Tickets: Salisbury Information Centre, Fish Row, Salisbury Phone: 01722 342860 or from www.ticketsource.co.uk/studiotheatresalisbury
Paula Vogel’s Desdemona: A Play About a Handkerchief reimagines Shakespeare’s Othello through the eyes of its three central women –Desdemona, Emilia and Bianca – shifting the focus firmly onto questions of feminism, sexuality and agency. Here, Desdemona is no passive victim, but a restless young woman testing the limits of her prescribed role.
Set in a palace laundry room in Cyprus, the one-act play unfolds in a series of sharply defined scenes, punctuated by stylised freezes, music and lighting changes that neatly mark each transition.

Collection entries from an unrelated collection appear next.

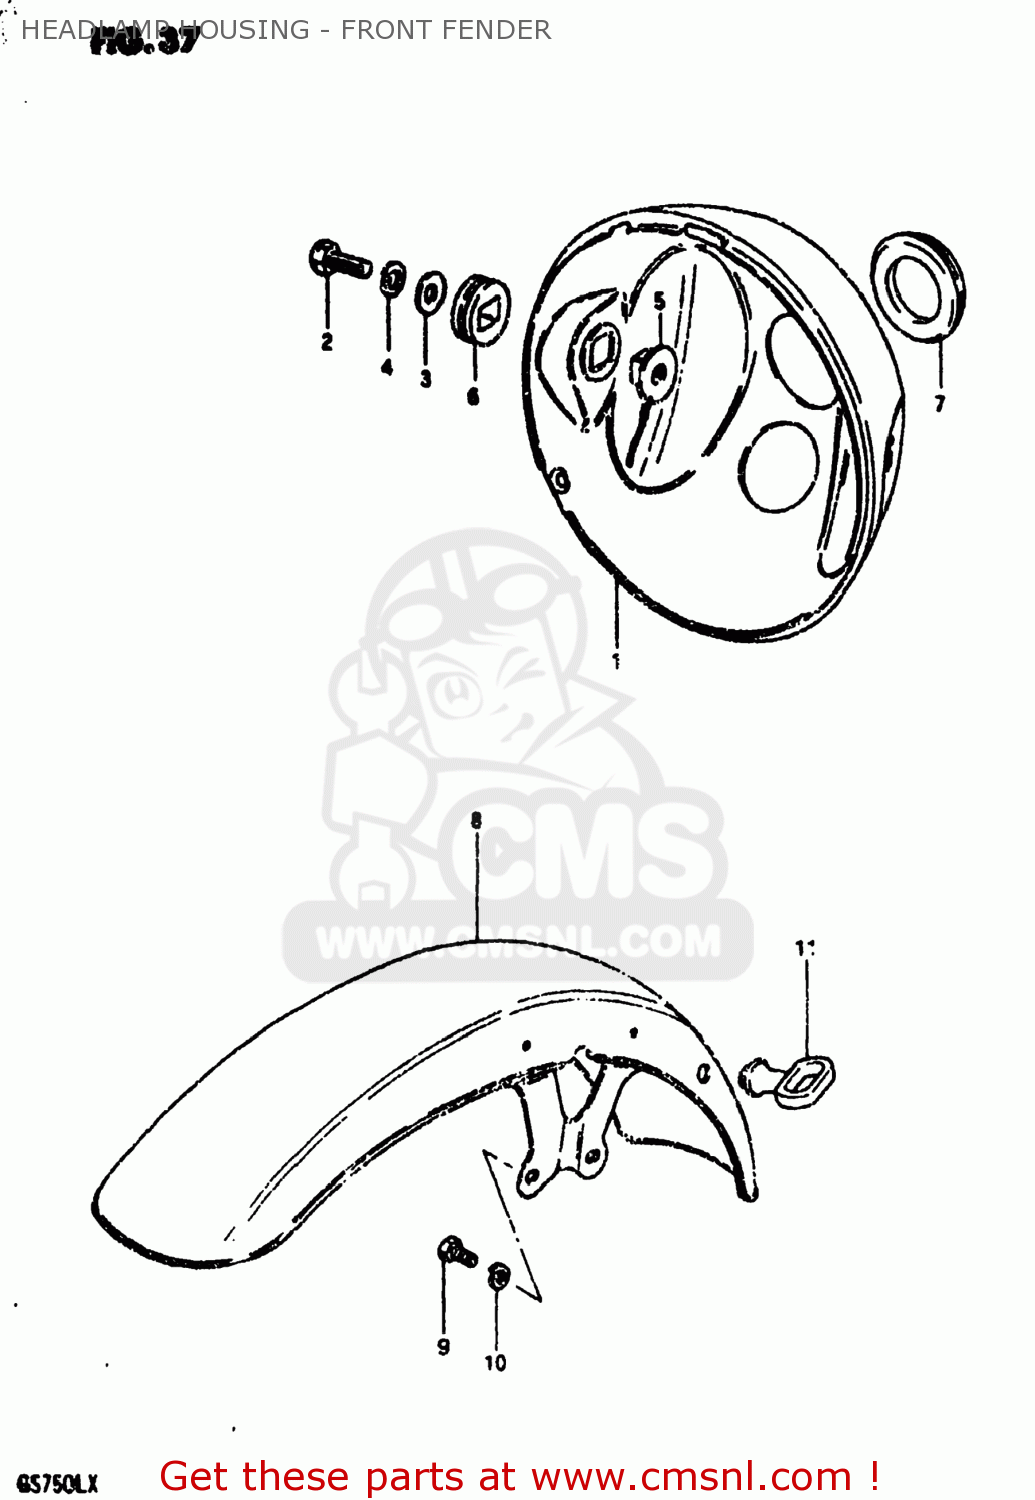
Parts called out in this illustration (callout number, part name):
1	HOUSING,HEADLAMP
2	BOLT
3	WASHER
4	LOCK WASHER
5	SPACER,HEADLAMP HOUSING
6	CUSHION,HEADLAMP HOUSING
7	GROMMET,HEADLAMP HOUSING
8	FENDER,FRONT
9	BOLT
10	LOCK WASHER
11	GUIDE,CABLE
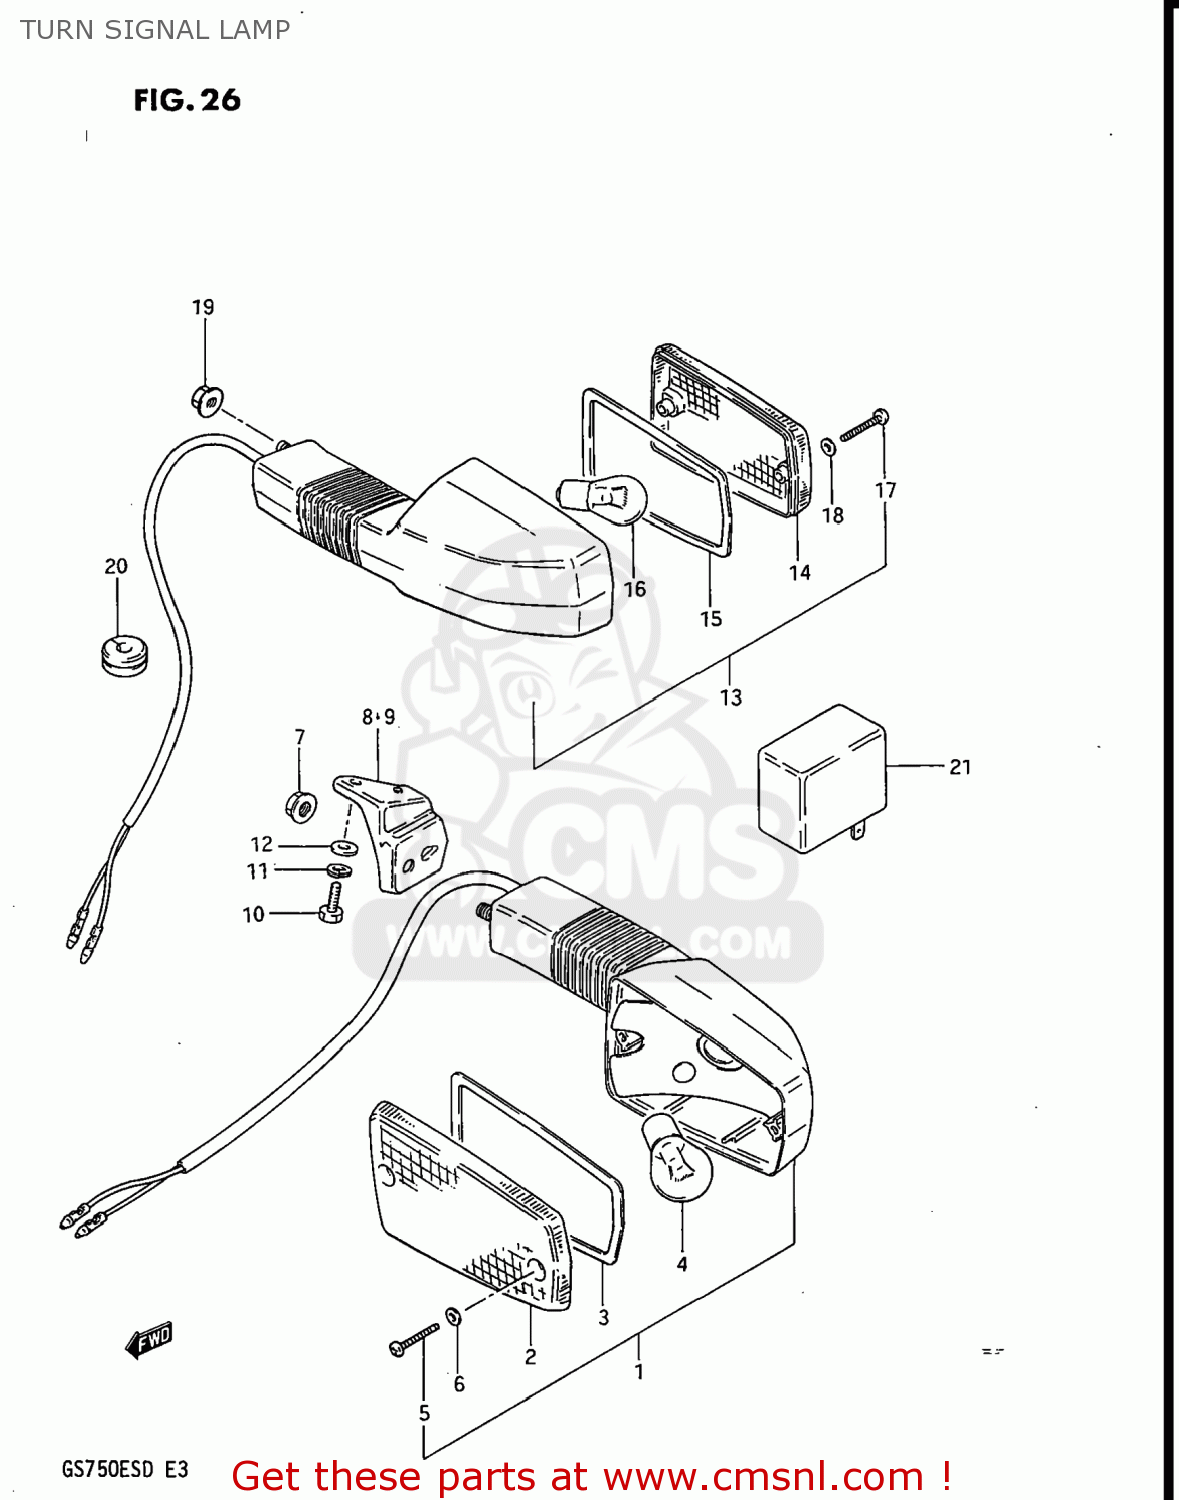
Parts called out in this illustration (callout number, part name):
1	LAMP ASSEMBLY,FRONT TURN SIGNAL
2	LENS
3	GASKET (NAS)
4	BULB(12V23W,STANLEY,A4577A)
5	SCREW
6	GASKET (NAS)
7	NUT
8	BRACKET,FRONT TURN SIGNAL
9	BRACKET,FRONT TURN SIGNAL
10	BOLT
11	LOCK WASHER
12	WASHER
13	LAMP ASSEMBLY,REAR TURN SIGNAL
14	LENS
15	GASKET (NAS)
16	BULB(12V23W,STANLEY,A4577A)
17	SCREW
18	GASKET (NAS)
19	NUT
20	GROMMET
21	RELAY,TURN SIGNAL
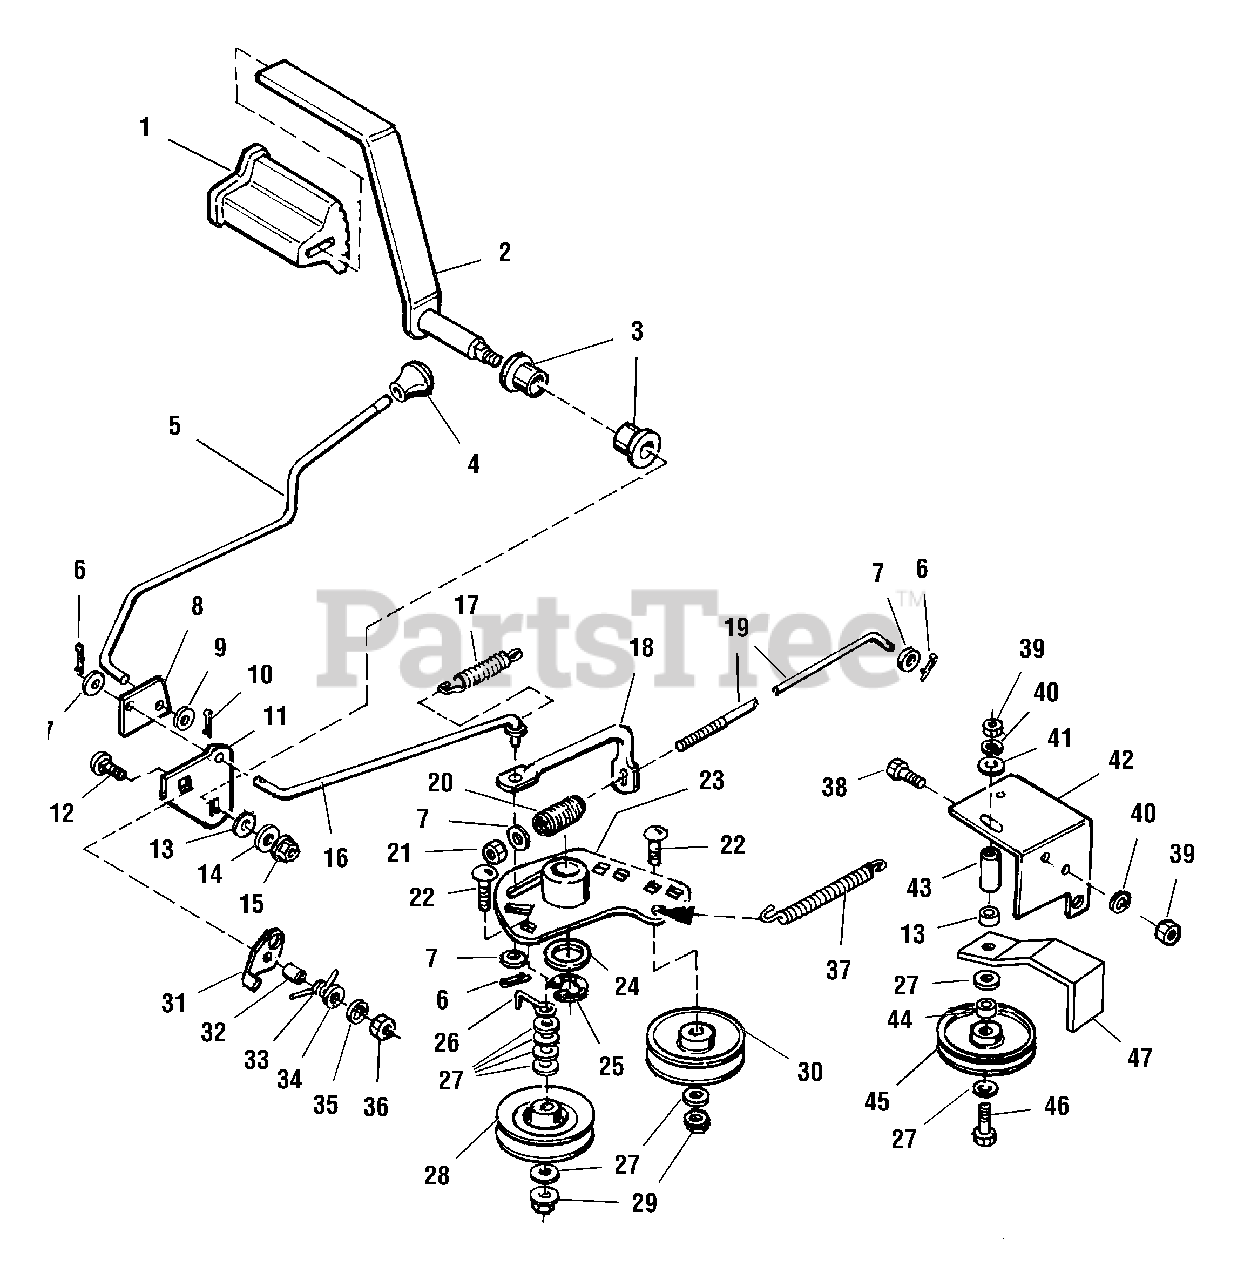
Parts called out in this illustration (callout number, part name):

Sophie Booth, as Desdemona. Image: Anthony von Roretz/Trinity Photography
Sophie Booth delivers an engaging performance as Desdemona, capturing both her girlish naivety and her increasingly reckless curiosity. Her fascination with the worldly Bianca – played with confident ease by Stephanie Kmiotek-Mutton – adds a compelling dynamic, as she edges towards a more liberated, if perilous, sense of self.
Sophie Booth, as Desdemona, and Sophie Cuerden, as Emilia, in Studio Theatre’s Desdemona: A Play About a Handkerchief. Image: Anthony von Roretz/Trinity Photography
At the centre of it all is Emilia, the weary, clear-eyed maid who sees far more than she says. Sophie Cuerden brings authority and dry wit to the role, her grounded presence and well-judged Irish accent lending weight to Emilia’s disillusionment within a deeply misogynistic world.
Sophie Cuerden, as Emilia, in Studio Theatre’s Desdemona: A Play About a Handkerchief. Image: Anthony von Roretz/Trinity Photography
Under Lorna Matthews-Keel’s careful direction, the production leans into the shifting relationships between the three women, with the missing handkerchief acting as both a plot device and a potent symbol.
The fixed set effectively contrasts the grandeur of the palace with the starkness of the servants’ quarters, reinforcing the play’s exploration of class, power and constraint.
Stephanie Kmiotek-Mutton, as Bianca, in Studio Theatre’s Desdemona: A Play About a Handkerchief. Image: Anthony von Roretz/Trinity Photography
Provocative, witty and anchored by strong performances, this is a confident and compelling reinterpretation that lingers beyond its final moments. The play continues this week at Studio Theatre, Ashley Road, through to Saturday, May 16, at 7.30pm. Tickets cost £15 and are available from Salisbury Information Centre on 01722 342860 or online at ticketsource.co.uk/studiotheatresalisbury.